▸ TASK TO CARRY OUT: Go over the data and keep only the lines that include "blocks".

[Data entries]
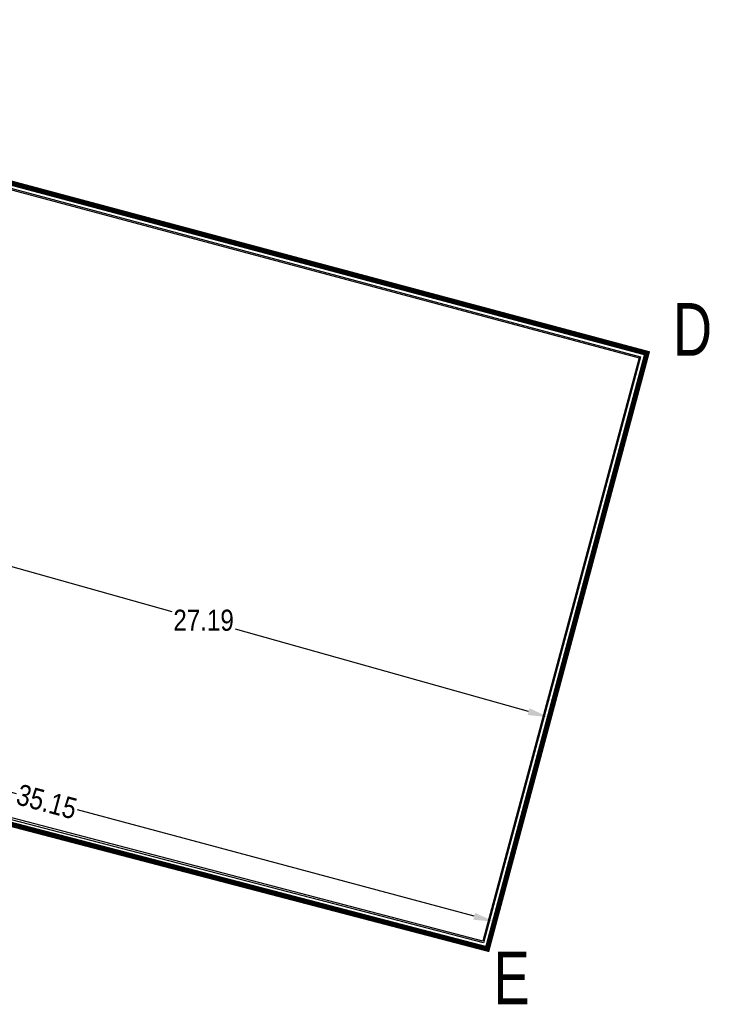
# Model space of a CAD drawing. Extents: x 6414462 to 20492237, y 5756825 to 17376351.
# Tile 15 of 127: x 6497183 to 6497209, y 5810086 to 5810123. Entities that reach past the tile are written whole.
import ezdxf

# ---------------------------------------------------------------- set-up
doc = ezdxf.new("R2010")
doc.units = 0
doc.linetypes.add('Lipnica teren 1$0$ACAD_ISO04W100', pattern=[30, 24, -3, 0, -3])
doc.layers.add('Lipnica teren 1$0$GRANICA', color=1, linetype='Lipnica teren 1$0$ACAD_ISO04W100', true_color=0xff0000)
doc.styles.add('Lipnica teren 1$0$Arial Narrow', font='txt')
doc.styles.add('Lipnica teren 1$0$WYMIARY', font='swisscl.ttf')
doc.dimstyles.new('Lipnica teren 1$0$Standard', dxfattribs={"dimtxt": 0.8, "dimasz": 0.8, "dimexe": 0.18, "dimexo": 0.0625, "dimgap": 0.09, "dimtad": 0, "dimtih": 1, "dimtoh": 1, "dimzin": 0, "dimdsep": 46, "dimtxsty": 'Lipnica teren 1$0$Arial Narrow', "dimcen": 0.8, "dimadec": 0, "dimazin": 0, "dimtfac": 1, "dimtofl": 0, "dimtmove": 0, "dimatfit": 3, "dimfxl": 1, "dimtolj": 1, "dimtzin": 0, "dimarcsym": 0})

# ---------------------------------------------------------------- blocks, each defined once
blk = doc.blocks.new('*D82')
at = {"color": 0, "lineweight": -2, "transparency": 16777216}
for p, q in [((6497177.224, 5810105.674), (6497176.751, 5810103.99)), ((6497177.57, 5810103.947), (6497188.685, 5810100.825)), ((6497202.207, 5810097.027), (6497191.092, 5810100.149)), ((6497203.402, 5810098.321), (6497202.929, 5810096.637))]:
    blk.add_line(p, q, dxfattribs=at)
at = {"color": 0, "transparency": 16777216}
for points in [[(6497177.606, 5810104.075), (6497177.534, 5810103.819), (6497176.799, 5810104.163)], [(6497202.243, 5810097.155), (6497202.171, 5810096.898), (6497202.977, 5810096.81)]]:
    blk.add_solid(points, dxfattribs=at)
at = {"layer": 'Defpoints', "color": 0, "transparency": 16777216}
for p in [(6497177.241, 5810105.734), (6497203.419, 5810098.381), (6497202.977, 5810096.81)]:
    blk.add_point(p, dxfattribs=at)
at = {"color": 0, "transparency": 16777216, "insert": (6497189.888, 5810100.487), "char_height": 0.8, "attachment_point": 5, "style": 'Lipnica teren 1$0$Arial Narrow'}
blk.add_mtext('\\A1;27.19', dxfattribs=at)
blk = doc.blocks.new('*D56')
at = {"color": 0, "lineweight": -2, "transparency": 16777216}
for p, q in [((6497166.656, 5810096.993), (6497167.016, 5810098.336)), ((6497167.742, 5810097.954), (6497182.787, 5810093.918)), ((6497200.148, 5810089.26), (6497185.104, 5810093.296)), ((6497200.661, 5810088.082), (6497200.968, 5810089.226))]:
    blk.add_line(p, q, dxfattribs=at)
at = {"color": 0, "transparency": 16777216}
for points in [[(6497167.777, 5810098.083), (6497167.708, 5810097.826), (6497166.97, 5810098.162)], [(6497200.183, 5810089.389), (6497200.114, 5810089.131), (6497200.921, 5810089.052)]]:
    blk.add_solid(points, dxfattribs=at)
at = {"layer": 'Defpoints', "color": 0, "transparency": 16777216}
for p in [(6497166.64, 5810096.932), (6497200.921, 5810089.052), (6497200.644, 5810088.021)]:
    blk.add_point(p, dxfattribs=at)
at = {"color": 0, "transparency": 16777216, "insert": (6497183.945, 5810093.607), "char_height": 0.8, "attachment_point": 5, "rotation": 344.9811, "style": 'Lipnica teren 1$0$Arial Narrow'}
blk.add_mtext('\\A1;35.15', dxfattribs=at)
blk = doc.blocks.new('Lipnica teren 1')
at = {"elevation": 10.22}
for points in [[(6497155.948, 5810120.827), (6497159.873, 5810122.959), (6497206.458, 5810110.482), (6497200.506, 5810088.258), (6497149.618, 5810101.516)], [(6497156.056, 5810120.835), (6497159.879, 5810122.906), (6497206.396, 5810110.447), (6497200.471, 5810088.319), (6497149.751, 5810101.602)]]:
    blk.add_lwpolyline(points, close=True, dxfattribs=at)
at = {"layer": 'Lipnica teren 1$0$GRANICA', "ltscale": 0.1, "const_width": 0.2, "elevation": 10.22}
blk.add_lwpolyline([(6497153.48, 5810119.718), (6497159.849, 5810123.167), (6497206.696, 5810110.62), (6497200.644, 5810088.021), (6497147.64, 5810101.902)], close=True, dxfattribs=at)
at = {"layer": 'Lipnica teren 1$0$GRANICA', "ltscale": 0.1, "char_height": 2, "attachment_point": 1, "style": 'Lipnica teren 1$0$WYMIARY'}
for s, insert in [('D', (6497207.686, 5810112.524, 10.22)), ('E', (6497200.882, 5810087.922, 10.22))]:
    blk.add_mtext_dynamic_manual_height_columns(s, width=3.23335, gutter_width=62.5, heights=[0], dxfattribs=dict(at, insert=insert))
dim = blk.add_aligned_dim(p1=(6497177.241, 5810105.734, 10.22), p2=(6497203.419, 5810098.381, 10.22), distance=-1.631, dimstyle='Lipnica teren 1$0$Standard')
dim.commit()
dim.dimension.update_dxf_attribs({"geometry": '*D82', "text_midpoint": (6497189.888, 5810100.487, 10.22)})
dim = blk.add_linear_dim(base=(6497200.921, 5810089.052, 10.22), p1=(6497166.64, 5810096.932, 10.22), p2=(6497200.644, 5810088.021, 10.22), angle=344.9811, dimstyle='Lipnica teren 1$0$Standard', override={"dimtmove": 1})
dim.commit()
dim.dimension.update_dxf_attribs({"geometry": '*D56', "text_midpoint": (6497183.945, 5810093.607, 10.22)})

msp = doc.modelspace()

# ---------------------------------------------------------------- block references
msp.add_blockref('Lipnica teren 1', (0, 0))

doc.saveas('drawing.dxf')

▸ YOUR SOLUTION:
# ---------------------------------------------------------------- blocks, each defined once
blk = doc.blocks.new('*D82')
blk = doc.blocks.new('*D56')
blk = doc.blocks.new('Lipnica teren 1')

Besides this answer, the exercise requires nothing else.